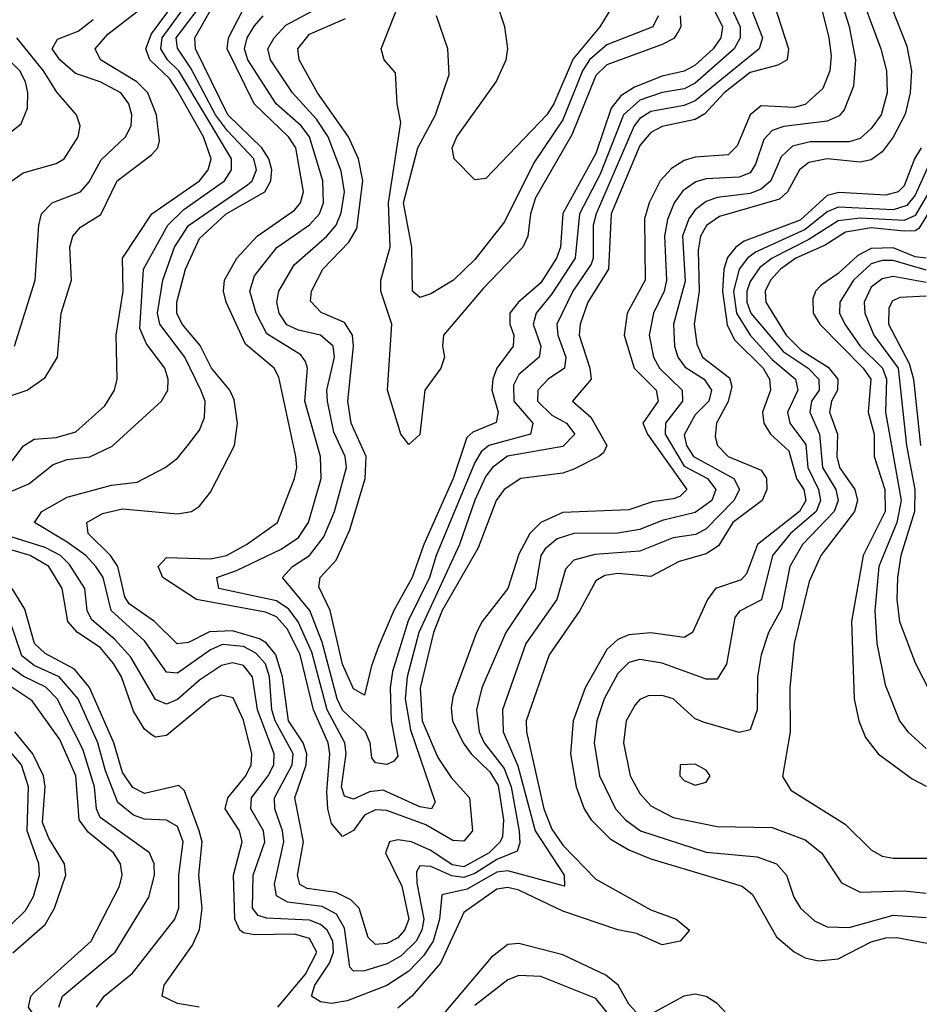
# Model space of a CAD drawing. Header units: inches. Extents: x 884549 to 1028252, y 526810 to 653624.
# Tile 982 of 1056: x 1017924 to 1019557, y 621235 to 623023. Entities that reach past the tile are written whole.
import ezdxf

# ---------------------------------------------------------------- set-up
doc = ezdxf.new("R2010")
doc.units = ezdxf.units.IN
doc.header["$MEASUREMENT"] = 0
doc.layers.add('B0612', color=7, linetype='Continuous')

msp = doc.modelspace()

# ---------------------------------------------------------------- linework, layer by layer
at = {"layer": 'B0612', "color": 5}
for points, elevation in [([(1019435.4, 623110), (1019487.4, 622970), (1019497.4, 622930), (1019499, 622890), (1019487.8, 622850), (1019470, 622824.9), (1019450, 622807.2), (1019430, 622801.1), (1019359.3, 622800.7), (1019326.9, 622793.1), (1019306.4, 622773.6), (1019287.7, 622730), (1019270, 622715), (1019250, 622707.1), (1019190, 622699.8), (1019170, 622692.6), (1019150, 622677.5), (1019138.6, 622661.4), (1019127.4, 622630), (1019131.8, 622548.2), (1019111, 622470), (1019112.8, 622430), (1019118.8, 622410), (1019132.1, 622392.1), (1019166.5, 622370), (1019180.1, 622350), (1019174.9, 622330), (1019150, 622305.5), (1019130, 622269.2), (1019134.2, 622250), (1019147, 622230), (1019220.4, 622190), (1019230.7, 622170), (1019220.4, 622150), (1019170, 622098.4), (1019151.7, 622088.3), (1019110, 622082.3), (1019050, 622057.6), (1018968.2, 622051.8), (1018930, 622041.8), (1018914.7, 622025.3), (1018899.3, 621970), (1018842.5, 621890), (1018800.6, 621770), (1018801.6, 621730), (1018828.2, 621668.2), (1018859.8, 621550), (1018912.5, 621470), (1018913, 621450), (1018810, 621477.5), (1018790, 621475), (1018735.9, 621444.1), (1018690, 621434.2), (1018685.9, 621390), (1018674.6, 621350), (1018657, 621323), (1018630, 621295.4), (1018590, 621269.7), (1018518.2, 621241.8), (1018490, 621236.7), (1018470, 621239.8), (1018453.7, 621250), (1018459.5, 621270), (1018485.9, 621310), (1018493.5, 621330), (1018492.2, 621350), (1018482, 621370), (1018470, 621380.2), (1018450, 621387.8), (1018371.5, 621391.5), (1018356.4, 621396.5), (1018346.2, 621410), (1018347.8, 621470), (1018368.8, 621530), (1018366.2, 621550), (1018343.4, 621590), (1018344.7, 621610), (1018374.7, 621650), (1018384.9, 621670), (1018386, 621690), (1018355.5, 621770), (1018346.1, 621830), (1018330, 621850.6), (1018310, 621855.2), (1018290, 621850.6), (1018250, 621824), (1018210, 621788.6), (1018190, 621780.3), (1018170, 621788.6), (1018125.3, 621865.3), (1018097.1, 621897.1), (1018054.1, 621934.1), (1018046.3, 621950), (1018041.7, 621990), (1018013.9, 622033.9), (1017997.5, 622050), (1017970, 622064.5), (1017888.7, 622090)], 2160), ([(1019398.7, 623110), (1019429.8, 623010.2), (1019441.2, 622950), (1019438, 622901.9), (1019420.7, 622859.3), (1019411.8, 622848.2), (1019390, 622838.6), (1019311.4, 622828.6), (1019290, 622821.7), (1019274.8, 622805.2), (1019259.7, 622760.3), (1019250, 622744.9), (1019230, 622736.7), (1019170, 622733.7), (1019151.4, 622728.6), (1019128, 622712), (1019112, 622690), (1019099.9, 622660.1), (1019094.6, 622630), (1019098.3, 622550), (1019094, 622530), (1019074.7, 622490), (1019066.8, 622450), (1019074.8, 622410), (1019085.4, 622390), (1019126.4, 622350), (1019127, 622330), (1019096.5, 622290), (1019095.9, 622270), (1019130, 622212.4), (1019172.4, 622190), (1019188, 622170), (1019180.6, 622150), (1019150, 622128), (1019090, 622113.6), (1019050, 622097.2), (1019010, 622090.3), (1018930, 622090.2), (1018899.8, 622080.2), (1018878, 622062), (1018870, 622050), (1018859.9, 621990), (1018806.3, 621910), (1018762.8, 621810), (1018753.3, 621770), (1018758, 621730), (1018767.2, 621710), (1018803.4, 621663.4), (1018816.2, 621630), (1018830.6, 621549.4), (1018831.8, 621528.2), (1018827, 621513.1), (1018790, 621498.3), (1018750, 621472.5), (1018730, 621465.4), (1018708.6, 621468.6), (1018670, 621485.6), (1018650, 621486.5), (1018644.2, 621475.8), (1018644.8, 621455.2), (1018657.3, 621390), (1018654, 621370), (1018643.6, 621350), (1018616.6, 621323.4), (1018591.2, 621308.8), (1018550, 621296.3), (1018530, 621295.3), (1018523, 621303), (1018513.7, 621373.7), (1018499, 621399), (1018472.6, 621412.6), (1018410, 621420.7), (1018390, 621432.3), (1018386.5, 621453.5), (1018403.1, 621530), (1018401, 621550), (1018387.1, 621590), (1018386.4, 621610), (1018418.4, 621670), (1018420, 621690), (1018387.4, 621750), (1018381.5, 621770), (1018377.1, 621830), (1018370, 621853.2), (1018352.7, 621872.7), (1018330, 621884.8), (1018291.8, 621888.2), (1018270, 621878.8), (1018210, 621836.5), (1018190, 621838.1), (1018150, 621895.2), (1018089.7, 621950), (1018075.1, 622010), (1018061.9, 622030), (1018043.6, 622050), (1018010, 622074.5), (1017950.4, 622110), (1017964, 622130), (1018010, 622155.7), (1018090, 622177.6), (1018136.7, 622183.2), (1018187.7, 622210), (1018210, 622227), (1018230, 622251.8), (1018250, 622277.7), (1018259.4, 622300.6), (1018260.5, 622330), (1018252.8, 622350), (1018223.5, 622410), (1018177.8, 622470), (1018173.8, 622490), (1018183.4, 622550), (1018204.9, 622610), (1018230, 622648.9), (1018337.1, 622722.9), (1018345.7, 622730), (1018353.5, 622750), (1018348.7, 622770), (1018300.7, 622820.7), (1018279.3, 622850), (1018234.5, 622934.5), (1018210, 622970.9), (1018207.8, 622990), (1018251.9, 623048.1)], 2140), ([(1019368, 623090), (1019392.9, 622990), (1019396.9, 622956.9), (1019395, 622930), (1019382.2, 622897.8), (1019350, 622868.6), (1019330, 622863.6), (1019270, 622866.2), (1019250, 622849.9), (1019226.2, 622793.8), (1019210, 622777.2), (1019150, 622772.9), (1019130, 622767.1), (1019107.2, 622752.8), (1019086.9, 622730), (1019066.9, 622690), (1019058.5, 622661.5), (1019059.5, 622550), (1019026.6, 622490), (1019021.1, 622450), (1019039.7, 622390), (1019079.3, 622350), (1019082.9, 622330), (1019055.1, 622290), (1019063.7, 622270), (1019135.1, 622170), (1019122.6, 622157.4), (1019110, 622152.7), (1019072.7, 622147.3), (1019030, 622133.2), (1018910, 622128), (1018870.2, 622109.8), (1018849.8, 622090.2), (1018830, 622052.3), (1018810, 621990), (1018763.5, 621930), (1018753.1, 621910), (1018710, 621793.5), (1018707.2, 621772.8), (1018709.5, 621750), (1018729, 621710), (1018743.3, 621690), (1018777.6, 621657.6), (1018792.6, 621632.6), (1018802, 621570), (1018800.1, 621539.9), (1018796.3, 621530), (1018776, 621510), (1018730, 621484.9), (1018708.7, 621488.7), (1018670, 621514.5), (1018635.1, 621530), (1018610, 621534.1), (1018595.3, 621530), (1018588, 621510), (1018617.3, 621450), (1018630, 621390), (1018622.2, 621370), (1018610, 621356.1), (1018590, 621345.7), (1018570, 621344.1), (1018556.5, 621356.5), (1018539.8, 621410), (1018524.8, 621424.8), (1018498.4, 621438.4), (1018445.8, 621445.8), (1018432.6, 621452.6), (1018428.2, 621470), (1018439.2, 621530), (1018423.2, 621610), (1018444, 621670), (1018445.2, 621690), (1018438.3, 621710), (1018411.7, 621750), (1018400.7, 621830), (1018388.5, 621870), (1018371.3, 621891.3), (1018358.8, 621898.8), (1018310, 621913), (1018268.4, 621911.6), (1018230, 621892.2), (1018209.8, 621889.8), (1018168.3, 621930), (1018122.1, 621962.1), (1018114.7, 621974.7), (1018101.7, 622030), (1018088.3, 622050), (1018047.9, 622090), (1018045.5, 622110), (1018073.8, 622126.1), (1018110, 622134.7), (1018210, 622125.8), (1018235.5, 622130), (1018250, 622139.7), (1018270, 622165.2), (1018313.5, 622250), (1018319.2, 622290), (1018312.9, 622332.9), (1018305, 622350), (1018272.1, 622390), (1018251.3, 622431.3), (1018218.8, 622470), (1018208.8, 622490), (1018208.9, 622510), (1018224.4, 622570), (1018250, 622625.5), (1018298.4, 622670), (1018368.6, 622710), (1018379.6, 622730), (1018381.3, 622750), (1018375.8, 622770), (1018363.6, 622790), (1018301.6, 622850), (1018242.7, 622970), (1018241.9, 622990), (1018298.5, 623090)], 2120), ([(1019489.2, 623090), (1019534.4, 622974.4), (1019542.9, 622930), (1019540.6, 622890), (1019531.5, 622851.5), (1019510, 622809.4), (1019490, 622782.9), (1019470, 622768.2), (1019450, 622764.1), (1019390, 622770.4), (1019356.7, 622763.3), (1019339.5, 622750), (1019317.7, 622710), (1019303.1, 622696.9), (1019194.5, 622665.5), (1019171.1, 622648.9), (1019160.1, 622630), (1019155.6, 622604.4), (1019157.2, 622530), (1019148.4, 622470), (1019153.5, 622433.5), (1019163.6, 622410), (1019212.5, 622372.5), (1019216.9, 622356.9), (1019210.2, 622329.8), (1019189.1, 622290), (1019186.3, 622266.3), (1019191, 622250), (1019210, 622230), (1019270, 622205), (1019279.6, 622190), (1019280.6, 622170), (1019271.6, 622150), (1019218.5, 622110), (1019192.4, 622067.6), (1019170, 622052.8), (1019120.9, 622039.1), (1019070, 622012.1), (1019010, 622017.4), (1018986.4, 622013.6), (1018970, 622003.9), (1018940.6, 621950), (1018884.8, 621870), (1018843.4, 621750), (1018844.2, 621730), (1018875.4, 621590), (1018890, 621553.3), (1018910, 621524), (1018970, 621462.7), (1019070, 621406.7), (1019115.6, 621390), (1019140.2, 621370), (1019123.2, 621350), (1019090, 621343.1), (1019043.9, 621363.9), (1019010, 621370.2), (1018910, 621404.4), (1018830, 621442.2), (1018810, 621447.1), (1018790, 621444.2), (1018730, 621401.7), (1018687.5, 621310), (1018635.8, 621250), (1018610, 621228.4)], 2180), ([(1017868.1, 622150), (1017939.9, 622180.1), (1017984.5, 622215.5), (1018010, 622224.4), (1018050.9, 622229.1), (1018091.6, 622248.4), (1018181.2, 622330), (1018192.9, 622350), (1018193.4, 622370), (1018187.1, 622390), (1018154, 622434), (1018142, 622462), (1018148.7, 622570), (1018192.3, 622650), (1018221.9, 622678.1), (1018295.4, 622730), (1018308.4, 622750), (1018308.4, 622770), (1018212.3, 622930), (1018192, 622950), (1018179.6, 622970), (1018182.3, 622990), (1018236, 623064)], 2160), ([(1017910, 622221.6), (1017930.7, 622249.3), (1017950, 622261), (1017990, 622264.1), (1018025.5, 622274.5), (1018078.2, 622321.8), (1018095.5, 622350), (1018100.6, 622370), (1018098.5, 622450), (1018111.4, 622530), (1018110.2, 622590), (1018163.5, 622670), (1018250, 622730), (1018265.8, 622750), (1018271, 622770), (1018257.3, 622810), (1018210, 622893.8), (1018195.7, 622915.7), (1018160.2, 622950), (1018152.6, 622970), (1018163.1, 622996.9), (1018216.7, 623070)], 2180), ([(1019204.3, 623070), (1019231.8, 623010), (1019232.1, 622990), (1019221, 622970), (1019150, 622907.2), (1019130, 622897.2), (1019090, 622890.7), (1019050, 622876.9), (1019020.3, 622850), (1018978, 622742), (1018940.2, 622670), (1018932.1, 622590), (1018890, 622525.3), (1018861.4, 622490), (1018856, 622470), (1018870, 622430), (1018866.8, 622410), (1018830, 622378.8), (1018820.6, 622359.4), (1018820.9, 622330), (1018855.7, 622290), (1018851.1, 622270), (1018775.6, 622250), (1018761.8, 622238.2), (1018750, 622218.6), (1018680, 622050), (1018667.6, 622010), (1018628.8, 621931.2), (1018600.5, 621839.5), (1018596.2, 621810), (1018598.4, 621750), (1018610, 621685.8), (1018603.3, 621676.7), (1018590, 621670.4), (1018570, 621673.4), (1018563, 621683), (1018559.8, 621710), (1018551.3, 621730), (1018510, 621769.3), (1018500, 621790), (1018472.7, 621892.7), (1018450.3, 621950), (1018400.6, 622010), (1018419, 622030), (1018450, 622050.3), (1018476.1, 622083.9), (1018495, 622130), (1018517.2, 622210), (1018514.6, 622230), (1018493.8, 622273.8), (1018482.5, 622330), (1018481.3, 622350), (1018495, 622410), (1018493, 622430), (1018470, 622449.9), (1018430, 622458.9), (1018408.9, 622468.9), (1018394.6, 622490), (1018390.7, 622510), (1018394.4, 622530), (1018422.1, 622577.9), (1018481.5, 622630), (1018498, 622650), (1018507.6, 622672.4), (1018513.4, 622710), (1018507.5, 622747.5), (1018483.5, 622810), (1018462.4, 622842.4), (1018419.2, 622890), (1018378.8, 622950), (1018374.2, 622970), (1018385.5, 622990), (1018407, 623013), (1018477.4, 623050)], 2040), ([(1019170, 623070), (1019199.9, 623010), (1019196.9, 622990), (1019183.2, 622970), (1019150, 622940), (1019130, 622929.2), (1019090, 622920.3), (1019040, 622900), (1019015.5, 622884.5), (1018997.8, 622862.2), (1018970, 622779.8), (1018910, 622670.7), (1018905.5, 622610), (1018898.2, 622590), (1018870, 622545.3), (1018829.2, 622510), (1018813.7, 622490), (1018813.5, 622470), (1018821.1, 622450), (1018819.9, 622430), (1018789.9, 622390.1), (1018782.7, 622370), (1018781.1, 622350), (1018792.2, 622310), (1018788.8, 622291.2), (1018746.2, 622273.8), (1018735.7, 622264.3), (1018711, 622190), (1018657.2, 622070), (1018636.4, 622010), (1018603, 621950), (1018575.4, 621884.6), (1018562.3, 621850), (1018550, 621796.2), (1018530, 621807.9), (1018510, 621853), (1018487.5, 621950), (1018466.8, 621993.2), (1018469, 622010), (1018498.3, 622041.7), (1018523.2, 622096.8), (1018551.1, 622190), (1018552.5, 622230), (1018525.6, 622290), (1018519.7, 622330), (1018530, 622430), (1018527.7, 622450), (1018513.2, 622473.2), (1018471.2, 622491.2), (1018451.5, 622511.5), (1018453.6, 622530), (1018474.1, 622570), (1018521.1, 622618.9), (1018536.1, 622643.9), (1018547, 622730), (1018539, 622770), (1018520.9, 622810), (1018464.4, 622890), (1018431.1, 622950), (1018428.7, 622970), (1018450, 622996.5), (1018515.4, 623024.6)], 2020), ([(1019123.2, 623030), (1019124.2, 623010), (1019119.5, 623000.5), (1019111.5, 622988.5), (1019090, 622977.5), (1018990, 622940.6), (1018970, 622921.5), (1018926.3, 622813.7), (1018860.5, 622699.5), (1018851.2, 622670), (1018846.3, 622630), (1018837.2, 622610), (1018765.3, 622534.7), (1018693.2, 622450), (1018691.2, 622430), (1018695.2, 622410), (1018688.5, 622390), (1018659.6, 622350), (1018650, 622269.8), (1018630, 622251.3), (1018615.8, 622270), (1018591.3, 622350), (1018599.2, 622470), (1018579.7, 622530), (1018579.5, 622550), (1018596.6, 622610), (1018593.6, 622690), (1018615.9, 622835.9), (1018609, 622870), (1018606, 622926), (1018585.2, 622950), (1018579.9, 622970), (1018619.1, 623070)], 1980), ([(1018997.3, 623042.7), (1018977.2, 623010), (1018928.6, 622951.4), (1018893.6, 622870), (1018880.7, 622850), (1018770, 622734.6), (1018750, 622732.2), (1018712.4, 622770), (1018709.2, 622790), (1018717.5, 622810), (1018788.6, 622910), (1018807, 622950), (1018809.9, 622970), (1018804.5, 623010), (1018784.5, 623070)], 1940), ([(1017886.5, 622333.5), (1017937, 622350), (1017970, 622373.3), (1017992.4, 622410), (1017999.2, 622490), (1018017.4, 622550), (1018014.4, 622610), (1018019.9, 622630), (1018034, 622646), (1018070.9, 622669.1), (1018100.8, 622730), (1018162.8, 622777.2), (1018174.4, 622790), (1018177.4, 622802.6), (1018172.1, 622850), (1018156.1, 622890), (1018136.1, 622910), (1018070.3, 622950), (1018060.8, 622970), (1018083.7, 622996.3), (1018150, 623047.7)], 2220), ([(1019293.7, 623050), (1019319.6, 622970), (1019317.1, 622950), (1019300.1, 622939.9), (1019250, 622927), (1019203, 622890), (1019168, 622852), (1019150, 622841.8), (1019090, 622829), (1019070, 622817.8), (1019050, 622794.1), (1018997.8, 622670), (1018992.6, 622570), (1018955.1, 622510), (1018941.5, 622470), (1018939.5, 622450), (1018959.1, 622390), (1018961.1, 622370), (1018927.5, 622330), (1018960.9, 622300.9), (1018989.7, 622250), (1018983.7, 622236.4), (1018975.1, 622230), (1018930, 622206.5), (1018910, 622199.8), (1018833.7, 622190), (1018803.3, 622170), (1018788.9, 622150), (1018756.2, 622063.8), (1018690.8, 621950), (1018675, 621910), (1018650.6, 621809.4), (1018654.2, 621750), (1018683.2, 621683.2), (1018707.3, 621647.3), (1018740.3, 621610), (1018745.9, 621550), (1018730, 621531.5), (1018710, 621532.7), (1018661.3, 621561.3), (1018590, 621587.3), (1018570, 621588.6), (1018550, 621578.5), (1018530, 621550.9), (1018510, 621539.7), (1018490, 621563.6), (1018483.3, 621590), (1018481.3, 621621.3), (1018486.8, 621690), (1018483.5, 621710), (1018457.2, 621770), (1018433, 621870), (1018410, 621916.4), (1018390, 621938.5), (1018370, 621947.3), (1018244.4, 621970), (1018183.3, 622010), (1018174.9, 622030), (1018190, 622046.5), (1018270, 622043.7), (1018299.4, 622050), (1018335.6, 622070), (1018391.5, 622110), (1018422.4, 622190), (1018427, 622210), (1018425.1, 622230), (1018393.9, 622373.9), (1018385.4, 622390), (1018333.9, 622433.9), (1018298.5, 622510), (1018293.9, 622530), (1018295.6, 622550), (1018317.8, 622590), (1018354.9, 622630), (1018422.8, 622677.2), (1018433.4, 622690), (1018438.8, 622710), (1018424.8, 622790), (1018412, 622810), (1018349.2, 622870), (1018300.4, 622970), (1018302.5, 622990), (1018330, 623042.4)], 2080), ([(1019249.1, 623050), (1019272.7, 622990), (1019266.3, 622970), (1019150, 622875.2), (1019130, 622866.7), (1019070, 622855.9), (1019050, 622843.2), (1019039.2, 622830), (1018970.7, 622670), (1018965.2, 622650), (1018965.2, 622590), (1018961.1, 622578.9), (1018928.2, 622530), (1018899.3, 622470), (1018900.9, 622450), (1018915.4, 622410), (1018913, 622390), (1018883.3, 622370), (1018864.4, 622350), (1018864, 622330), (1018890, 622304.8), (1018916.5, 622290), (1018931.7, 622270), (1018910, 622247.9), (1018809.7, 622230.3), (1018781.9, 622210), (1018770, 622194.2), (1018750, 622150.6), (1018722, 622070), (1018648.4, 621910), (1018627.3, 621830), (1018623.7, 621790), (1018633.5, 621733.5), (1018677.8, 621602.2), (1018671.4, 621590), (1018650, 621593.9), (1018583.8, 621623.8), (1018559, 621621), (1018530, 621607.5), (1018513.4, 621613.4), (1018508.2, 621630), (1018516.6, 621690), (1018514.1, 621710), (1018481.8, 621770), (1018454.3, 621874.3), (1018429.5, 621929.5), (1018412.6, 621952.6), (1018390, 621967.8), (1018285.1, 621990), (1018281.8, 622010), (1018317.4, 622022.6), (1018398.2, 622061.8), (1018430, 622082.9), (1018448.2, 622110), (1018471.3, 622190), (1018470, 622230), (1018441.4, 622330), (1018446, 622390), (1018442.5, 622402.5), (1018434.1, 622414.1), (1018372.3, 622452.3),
* * * * * * * * *
_Task to carry out_. Your task is to copy every line of the entries that contains the string "color".

_Exercise response_.
doc.layers.add('B0612', color=7, linetype='Continuous')
at = {"layer": 'B0612', "color": 5}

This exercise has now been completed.